“We don’t want to close, but there’s no choice for us anymore,” a tearful Jing Guo, co-owner of Sushi Cafe with her husband, said outside the restaurant this afternoon. “We were not making enough to pay our bills.”
She was apologetic. “I know that for the last two years, service has not been great, because I’m tired,” she said. “We will miss all the customers.”
Jing Guo said sales have declined in recent years as other sushi restaurants opened across the region and after Sushi Cafe’s former owner opened a restaurant in the Centerville-Washington Twp. area. A lawsuit over the opening of that restaurant was filed in Montgomery County Common Pleas Court in 2010 and was settled in 2012, but Jing Guo said the fallout from the legal dispute lingered.
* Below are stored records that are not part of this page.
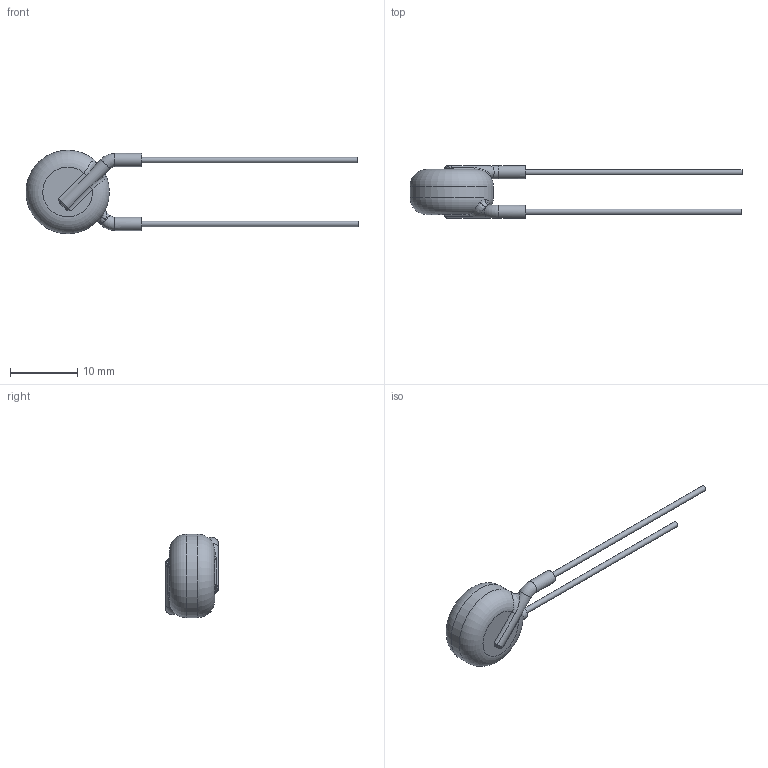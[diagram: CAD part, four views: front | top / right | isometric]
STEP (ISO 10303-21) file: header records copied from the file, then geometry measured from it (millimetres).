
FILE_DESCRIPTION((''),'2;1');
FILE_NAME('I:\Marketing\M6t1\3D-Models\Zchng-Werk-3\Upload for homepage\Ceramite\Y5R-10kV\615R100GAST50\615R100GAST50.stp','2015-08-28T09:38:46',(''),(''),'Autodesk Inventor 2013','Autodesk Inventor 2013','');
FILE_SCHEMA(('AUTOMOTIVE_DESIGN { 1 0 10303 214 1 1 1 1 }'));
Length unit declared in the file: centimetre
Products named in the file (1): 615R100GAST50
Bounding box: 49.4 x 7.87 x 12.4 mm (x, y, z)
Surface area: 671.5 mm2 (no closed solid volume)
Topology: 0 solids, 1 shells, 45 faces, 104 edges, 58 vertices
Faces by surface type: bspline 14, cylinder 13, torus 10, plane 8
Full cylindrical faces by diameter (mm): 0.81 x2, 1.97 x2, 12.4 x1
Entity records: 1644 total; most frequent: CARTESIAN_POINT 729, ORIENTED_EDGE 164, DIRECTION 160, EDGE_CURVE 82, AXIS2_PLACEMENT_3D 74, EDGE_LOOP 56, VERTEX_POINT 50, STYLED_ITEM 46
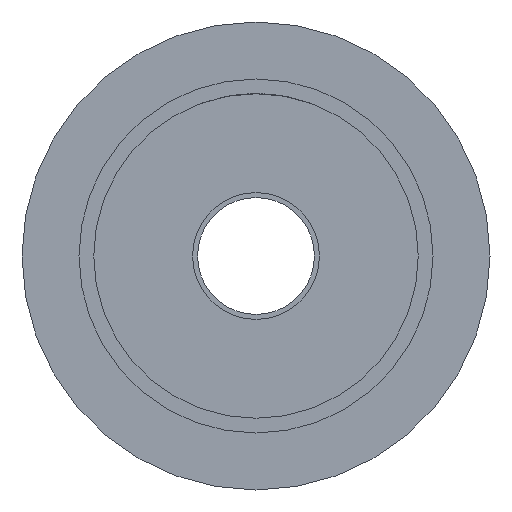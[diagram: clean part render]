
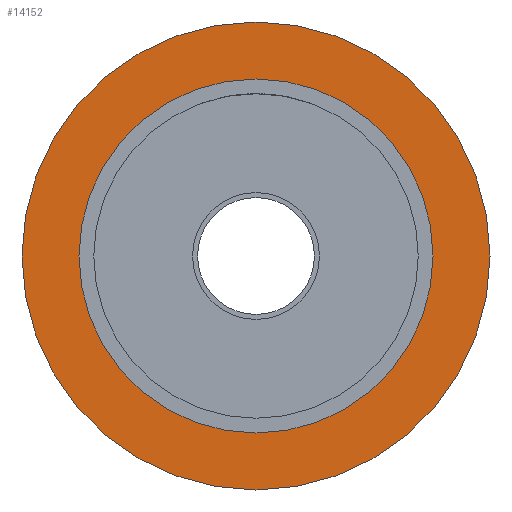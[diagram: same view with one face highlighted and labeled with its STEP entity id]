
A CAD part, front view. The second image highlights one B-rep face of the part: STEP entity #14152.
In plain terms, the highlighted planar face has unit normal (0, -1, 0).
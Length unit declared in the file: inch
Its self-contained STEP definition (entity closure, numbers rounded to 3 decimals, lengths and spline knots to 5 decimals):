
#14118=CARTESIAN_POINT('',(7.38189,13.0315,0.0));
#14119=VERTEX_POINT('',#14118);
#14120=CARTESIAN_POINT('',(0.0,13.0315,0.0));
#14121=DIRECTION('',(0.0,-1.0,0.0));
#14122=DIRECTION('',(1.0,0.0,0.0));
#14123=AXIS2_PLACEMENT_3D('',#14120,#14121,#14122);
#14124=CIRCLE('',#14123,7.38189);
#14125=EDGE_CURVE('',#14119,#14119,#14124,.T.);
#14133=CARTESIAN_POINT('',(6.48327,13.0315,0.0));
#14134=DIRECTION('',(0.0,-1.0,0.0));
#14135=DIRECTION('',(0.0,0.0,-1.0));
#14136=AXIS2_PLACEMENT_3D('',#14133,#14134,#14135);
#14137=PLANE('',#14136);
#14138=ORIENTED_EDGE('',*,*,#14125,.T.);
#14139=EDGE_LOOP('',(#14138));
#14140=FACE_OUTER_BOUND('',#14139,.T.);
#14141=CARTESIAN_POINT('',(5.58465,13.0315,0.0));
#14142=VERTEX_POINT('',#14141);
#14143=CARTESIAN_POINT('',(0.0,13.0315,0.0));
#14144=DIRECTION('',(0.0,-1.0,0.0));
#14145=DIRECTION('',(1.0,0.0,0.0));
#14146=AXIS2_PLACEMENT_3D('',#14143,#14144,#14145);
#14147=CIRCLE('',#14146,5.58465);
#14148=EDGE_CURVE('',#14142,#14142,#14147,.T.);
#14149=ORIENTED_EDGE('',*,*,#14148,.F.);
#14150=EDGE_LOOP('',(#14149));
#14151=FACE_BOUND('',#14150,.T.);
#14152=ADVANCED_FACE('',(#14140,#14151),#14137,.T.);
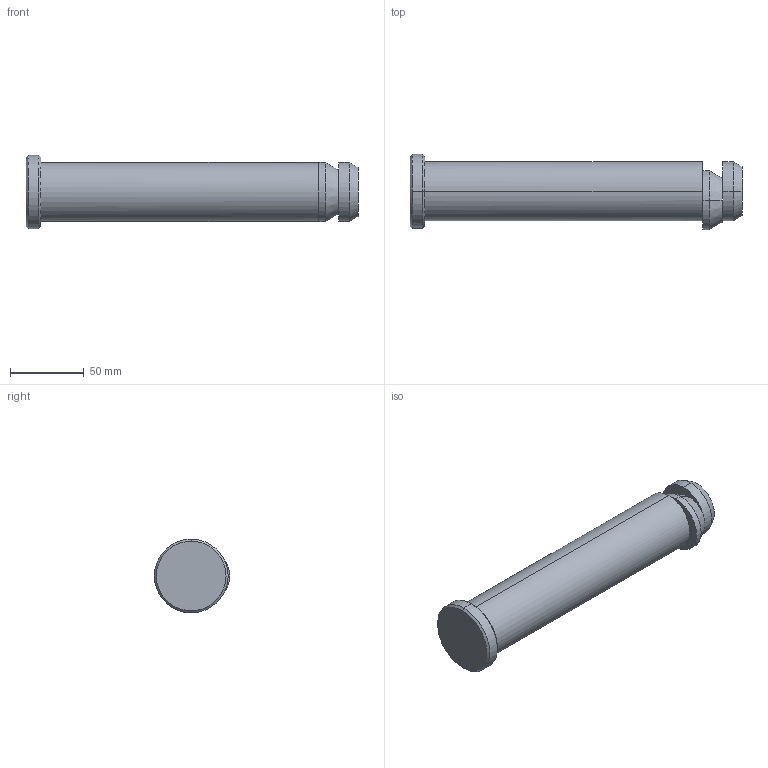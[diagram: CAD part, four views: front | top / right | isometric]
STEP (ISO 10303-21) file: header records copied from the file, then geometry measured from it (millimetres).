
FILE_DESCRIPTION(('CATIA V5 STEP Exchange'),'2;1');
FILE_NAME('C:\Users\Raffaele\Desktop\3D X SITO CF\PERNI -STAFFE SOLLEVAMENTO\395W\RCM_B021032 (1)\395W-040-225.stp','2019-07-05T10:12:25+00:00',('none'),('none'),'CATIA Version 5 Release 20 GA (IN-10)','CATIA V5 STEP AP203','none');
FILE_SCHEMA(('CONFIG_CONTROL_DESIGN'));
Length unit declared in the file: millimetre
Products named in the file (1): 395W-040-225
Bounding box: 225 x 51 x 50 mm (x, y, z)
Volume: 284589.2 mm3; surface area: 35970.9 mm2
Topology: 1 solids, 1 shells, 27 faces, 84 edges, 64 vertices
Faces by surface type: cylinder 12, cone 8, plane 7
Entity records: 1088 total; most frequent: CARTESIAN_POINT 288, ORIENTED_EDGE 168, DIRECTION 130, AXIS2_PLACEMENT_3D 84, EDGE_CURVE 84, VERTEX_POINT 64, CIRCLE 56, EDGE_LOOP 32

In addition, the restaurant has been the site of multiple break-ins and theft of restaurant property, including a recent incident in which an intruder cut a hole in a wall that took thousands of dollars to repair, Jing Guo said.
The restaurant, which opened in 1999, had been a popular destination for sushi enthusiasts. And when it opened, it was among the first, if not the first, restaurant to serve Japanese and Korean cuisine in Montgomery County’s south suburbs. Many others followed over the 17 years.
Jing Guo said she and her husband plan to move back to their hometown of Philadelphia.